Data extracted from a collection

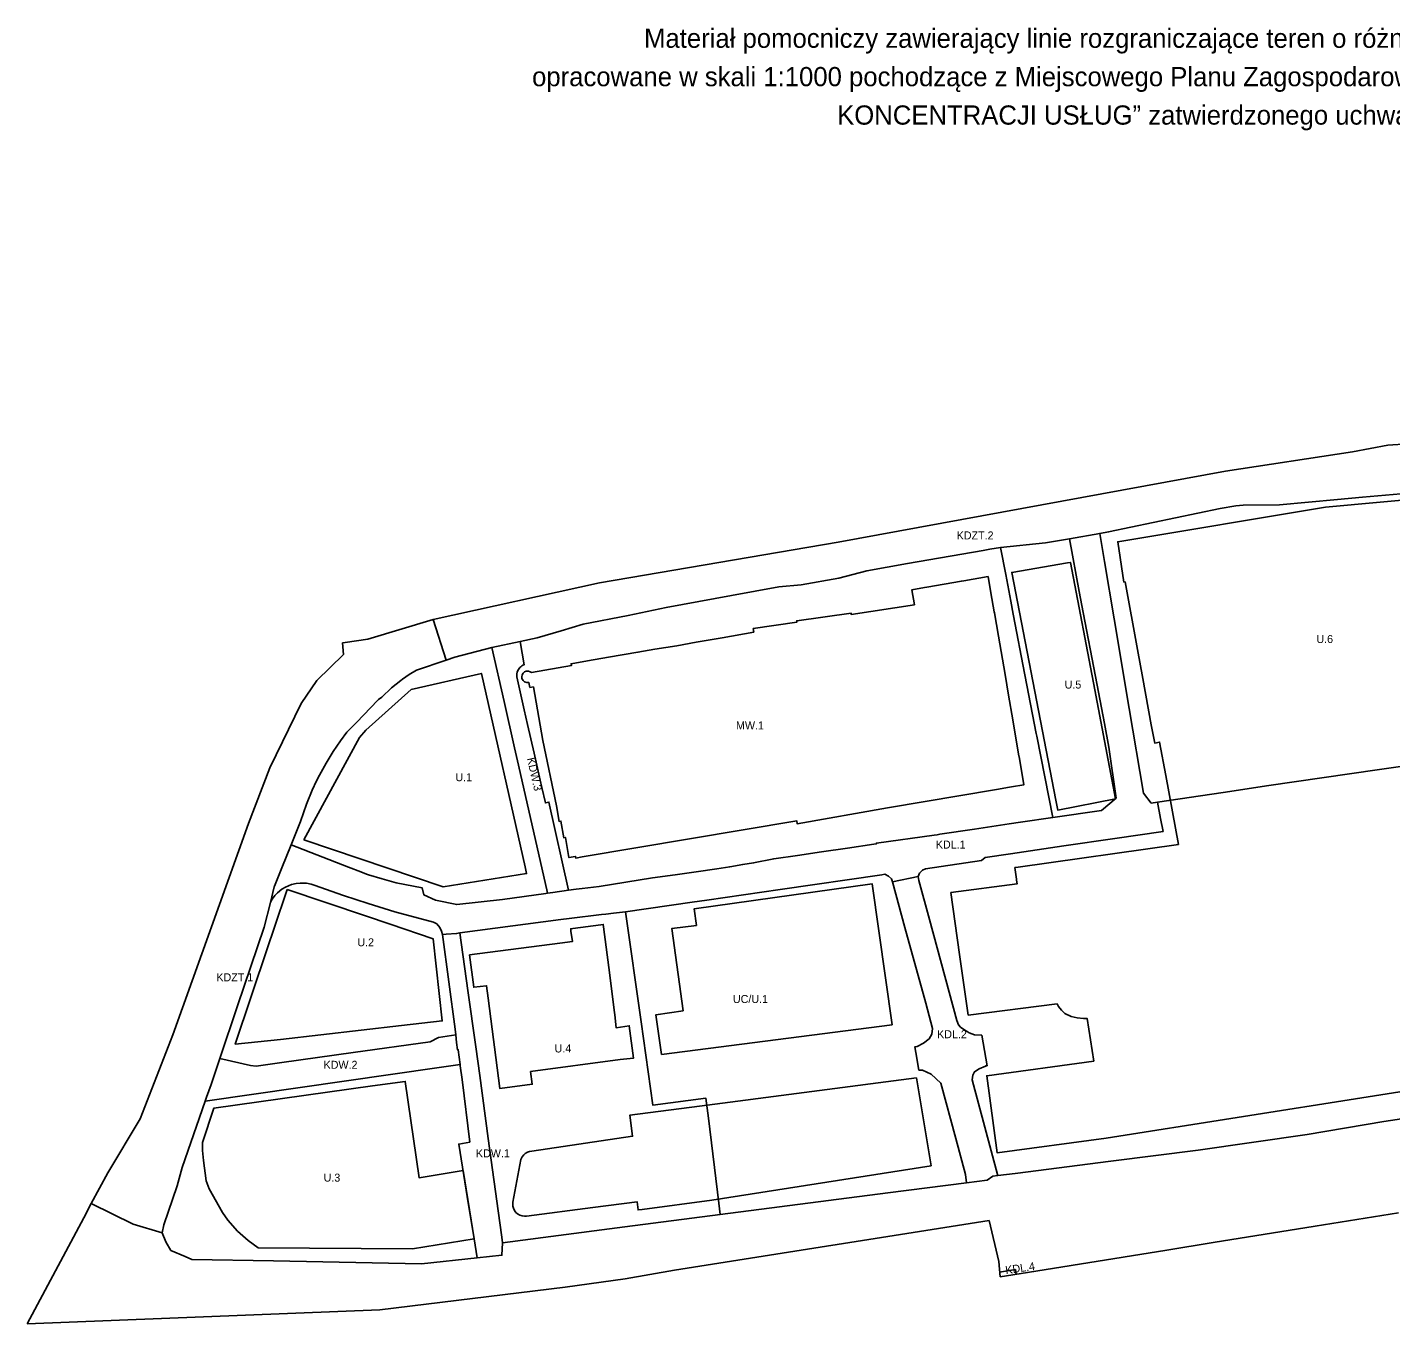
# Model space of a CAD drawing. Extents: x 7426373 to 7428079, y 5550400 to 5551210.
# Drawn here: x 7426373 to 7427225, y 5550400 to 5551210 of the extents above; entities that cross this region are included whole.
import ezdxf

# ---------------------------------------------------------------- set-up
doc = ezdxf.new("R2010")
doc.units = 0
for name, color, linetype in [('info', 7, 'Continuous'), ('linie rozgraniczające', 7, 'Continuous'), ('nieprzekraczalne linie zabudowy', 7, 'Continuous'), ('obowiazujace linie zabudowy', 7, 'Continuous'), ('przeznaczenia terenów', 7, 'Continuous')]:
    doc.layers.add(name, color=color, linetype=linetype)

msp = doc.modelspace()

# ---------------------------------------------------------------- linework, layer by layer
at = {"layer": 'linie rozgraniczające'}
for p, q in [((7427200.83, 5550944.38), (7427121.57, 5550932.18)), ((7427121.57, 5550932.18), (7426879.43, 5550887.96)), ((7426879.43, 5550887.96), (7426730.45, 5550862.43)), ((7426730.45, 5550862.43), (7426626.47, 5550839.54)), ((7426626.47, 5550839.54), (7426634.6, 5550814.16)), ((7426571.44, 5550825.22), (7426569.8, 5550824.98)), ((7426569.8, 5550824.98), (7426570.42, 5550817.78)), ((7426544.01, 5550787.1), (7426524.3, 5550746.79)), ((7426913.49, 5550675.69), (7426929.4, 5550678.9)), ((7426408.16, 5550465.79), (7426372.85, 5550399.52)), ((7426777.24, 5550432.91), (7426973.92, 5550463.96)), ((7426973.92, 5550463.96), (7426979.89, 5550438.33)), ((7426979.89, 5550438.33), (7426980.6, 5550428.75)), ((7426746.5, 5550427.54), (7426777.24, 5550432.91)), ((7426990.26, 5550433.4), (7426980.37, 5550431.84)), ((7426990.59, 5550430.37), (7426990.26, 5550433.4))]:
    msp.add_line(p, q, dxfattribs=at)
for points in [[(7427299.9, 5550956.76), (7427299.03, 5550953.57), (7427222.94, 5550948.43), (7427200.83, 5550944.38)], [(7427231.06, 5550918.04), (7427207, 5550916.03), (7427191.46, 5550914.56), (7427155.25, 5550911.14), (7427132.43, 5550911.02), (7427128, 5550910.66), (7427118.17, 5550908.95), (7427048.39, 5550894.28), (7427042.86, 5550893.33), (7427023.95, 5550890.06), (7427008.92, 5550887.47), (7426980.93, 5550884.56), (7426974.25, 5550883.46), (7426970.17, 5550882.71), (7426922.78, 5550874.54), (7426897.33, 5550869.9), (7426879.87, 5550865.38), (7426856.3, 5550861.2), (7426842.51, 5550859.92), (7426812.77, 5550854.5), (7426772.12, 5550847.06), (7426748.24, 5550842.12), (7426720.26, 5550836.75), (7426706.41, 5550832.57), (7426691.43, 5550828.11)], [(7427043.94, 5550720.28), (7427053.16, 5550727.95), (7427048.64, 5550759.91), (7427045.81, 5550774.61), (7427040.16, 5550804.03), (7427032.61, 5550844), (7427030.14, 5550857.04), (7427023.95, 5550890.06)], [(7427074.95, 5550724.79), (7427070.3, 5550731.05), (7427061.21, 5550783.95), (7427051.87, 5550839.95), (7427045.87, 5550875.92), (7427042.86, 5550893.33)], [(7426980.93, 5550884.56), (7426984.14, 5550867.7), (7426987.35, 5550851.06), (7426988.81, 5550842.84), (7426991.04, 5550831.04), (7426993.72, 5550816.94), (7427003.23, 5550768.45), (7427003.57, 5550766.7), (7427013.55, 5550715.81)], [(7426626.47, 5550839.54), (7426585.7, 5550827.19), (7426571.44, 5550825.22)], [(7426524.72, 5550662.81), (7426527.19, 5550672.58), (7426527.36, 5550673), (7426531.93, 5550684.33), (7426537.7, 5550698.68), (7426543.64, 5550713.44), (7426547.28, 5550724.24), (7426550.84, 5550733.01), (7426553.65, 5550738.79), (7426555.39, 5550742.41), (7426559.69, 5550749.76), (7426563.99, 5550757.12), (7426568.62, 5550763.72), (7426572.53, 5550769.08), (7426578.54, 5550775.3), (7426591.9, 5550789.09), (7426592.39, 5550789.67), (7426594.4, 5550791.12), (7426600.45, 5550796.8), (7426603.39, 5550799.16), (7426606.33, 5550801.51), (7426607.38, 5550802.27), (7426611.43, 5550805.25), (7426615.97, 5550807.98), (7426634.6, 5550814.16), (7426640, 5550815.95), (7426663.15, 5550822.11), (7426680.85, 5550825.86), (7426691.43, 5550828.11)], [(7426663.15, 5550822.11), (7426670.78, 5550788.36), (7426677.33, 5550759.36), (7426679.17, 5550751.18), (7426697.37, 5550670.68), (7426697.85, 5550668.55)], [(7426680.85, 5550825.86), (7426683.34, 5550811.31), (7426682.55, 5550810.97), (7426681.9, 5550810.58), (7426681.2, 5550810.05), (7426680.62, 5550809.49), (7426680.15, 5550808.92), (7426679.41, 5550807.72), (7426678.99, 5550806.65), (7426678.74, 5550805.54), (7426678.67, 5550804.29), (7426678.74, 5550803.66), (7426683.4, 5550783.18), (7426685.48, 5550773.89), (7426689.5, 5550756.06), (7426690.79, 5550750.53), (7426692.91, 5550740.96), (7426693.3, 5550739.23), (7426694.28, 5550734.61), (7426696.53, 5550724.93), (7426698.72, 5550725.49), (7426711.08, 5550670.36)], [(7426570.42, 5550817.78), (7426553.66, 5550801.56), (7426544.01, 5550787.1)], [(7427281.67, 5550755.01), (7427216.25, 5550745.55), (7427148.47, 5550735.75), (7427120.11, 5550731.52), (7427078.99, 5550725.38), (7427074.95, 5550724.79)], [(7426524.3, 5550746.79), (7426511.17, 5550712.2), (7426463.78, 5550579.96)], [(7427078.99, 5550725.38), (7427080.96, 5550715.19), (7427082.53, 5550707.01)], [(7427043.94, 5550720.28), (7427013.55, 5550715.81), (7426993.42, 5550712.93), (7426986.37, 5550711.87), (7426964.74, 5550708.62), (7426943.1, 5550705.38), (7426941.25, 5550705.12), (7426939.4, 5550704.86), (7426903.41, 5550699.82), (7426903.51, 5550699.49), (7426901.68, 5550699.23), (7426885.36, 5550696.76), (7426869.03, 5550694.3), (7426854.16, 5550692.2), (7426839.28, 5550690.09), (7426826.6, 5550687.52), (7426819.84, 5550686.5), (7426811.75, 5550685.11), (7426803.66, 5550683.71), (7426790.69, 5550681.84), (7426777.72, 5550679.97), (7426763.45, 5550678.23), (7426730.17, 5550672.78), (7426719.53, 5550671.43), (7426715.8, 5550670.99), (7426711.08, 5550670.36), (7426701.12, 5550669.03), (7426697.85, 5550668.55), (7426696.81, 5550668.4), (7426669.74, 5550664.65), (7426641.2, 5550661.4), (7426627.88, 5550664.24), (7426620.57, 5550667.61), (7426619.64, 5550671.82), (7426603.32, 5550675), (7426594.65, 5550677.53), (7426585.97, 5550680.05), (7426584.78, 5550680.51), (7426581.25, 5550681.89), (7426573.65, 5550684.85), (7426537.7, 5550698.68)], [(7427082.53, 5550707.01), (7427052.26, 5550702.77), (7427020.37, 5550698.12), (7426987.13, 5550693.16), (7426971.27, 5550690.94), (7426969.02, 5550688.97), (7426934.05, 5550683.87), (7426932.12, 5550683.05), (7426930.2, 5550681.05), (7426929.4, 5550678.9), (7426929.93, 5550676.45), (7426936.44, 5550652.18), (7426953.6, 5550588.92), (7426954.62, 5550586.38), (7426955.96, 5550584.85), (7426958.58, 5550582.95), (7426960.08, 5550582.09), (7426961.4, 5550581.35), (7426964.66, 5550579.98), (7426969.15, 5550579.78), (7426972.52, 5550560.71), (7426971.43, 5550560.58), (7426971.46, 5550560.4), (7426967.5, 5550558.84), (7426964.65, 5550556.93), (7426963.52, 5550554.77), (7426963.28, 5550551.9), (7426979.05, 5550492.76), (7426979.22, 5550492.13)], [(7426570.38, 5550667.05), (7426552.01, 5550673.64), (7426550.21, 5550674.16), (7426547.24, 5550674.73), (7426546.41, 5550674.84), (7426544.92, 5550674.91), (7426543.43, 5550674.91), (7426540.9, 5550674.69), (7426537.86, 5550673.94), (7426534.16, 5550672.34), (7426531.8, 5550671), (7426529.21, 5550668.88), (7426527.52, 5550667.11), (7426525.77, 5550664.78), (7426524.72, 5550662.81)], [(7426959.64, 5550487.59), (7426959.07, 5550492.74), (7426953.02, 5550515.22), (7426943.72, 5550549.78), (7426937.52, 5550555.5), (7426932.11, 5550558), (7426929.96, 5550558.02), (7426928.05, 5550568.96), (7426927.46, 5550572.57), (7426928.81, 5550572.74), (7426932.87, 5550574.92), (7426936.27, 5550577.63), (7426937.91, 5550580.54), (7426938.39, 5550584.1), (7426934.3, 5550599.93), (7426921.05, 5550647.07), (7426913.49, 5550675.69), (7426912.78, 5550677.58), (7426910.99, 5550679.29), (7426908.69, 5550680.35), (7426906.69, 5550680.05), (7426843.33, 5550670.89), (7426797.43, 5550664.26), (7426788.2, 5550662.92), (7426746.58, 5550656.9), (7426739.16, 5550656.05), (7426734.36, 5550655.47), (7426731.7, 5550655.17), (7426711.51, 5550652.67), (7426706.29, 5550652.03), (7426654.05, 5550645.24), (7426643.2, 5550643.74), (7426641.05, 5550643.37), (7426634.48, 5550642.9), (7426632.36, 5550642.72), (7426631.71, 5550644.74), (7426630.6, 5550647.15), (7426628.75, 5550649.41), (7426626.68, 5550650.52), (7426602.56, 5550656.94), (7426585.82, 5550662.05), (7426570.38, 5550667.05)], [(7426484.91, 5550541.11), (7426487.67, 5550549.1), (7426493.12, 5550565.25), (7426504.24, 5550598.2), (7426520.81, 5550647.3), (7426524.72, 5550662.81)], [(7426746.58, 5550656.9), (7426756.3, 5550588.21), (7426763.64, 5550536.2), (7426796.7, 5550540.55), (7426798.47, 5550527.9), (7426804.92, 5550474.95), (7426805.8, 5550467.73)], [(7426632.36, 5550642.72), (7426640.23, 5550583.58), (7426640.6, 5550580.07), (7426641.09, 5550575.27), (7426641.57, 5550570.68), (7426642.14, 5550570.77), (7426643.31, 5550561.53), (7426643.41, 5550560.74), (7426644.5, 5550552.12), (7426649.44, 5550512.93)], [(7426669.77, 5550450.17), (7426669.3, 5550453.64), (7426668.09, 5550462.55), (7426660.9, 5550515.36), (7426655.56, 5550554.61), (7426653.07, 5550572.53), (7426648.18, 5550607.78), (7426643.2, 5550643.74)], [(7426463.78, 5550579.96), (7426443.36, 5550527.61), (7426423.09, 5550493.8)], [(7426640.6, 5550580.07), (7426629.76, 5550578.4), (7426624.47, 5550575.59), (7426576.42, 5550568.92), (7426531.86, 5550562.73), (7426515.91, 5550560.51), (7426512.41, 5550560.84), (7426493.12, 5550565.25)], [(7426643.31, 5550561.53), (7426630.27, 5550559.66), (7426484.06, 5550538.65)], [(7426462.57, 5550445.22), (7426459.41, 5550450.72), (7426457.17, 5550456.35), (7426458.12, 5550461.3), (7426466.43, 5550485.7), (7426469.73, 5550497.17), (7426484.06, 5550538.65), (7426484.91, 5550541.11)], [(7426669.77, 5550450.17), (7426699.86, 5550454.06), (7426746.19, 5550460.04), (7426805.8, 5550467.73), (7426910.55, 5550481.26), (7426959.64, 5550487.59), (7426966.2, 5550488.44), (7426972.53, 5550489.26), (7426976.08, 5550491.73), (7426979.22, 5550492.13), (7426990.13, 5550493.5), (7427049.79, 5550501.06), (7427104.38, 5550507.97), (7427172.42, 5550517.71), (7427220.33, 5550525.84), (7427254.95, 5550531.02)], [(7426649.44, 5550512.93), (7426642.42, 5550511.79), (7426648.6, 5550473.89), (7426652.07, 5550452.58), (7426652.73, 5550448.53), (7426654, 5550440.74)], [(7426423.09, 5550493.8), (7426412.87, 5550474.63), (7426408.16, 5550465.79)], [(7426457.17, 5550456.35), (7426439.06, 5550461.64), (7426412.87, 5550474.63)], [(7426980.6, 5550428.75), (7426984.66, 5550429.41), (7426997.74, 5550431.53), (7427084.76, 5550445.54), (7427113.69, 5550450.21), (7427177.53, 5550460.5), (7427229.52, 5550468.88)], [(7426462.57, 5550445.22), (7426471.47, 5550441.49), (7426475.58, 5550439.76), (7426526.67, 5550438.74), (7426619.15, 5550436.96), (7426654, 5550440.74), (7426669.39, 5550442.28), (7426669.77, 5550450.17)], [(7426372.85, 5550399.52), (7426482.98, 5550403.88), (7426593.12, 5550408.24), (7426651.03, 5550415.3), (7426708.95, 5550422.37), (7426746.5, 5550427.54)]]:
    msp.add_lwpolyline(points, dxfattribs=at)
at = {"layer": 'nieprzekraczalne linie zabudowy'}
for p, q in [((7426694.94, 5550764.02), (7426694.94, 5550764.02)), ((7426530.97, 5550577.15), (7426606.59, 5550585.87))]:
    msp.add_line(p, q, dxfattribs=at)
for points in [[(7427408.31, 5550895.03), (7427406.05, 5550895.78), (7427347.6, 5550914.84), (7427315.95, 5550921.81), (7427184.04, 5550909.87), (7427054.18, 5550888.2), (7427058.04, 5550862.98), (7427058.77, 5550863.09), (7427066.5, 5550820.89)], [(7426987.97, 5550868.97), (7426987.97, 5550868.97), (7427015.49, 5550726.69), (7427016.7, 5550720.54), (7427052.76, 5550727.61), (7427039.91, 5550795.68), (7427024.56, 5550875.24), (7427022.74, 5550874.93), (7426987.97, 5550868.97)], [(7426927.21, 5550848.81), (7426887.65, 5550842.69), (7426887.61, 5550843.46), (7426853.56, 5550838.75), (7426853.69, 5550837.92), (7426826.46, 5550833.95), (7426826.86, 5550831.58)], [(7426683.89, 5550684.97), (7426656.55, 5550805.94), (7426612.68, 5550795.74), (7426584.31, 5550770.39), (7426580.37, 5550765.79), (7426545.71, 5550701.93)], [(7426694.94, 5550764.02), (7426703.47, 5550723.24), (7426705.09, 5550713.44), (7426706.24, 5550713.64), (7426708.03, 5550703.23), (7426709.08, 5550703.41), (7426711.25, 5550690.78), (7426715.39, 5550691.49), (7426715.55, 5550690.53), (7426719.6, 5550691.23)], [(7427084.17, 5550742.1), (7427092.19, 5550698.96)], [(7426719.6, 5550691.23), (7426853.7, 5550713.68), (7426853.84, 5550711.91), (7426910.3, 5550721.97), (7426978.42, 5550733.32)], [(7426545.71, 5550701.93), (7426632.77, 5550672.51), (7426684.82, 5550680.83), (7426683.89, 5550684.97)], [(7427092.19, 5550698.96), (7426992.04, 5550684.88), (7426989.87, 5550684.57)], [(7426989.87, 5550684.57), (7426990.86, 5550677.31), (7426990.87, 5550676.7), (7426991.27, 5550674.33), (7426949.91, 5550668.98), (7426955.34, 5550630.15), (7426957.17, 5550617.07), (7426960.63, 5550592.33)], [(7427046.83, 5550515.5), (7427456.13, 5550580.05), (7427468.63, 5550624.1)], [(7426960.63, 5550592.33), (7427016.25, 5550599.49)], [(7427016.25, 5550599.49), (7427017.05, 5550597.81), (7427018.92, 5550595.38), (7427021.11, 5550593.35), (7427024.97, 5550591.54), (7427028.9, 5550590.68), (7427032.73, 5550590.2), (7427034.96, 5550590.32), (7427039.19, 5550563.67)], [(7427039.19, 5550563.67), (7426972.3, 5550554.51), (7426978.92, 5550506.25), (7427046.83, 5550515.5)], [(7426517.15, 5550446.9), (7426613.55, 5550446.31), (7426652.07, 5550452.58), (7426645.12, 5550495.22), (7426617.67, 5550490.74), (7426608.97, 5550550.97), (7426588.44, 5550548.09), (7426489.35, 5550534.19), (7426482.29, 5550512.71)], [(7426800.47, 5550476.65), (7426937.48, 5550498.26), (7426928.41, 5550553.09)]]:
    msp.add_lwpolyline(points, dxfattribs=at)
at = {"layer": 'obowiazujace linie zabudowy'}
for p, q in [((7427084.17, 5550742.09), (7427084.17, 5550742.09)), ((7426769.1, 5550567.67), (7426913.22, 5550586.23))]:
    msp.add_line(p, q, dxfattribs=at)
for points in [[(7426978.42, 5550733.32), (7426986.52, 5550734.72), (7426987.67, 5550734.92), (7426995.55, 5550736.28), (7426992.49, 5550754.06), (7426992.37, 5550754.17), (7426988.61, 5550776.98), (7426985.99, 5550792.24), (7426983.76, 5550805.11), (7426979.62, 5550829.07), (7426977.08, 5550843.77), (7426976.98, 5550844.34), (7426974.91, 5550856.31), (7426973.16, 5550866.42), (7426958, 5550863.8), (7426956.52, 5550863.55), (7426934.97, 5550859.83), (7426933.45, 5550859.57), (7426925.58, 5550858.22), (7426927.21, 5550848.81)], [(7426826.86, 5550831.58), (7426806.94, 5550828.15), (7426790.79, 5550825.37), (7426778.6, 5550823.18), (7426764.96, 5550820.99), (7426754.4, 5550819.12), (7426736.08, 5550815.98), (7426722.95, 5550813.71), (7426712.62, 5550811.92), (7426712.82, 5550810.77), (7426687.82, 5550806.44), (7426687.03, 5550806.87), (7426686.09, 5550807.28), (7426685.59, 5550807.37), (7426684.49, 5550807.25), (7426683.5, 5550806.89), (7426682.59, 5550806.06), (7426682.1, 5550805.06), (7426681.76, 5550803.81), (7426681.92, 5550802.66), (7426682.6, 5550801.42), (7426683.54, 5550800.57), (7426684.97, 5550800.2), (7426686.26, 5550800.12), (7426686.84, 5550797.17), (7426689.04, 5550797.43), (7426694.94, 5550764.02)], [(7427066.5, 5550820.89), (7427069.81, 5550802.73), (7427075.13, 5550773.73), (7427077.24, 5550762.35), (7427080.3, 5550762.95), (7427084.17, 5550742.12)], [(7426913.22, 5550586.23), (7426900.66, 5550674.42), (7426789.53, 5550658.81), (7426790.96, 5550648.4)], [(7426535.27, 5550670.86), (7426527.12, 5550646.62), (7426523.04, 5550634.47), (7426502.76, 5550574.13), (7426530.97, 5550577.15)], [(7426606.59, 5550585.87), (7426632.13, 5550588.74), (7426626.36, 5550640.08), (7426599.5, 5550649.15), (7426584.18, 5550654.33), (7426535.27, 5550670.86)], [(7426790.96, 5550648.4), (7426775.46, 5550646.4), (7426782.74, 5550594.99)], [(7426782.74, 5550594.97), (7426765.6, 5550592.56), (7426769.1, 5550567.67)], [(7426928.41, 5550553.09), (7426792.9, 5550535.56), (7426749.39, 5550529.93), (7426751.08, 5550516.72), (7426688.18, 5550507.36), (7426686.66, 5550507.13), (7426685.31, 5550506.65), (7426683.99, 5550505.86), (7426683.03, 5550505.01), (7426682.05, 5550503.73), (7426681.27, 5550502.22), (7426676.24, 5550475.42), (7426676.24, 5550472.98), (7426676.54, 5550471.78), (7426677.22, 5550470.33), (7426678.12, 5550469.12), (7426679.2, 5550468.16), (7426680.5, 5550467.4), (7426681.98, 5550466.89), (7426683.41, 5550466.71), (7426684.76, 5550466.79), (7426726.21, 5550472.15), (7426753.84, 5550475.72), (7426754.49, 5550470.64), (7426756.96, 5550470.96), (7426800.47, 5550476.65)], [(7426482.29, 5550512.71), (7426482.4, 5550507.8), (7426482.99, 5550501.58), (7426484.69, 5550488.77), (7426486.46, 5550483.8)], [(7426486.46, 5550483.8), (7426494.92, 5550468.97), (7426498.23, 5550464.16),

▶ **What the exercise asks**: In the entries above, count each line that includes "nieprzekraczalne" and report the total with no other text.

▶ **Response to the task**: 2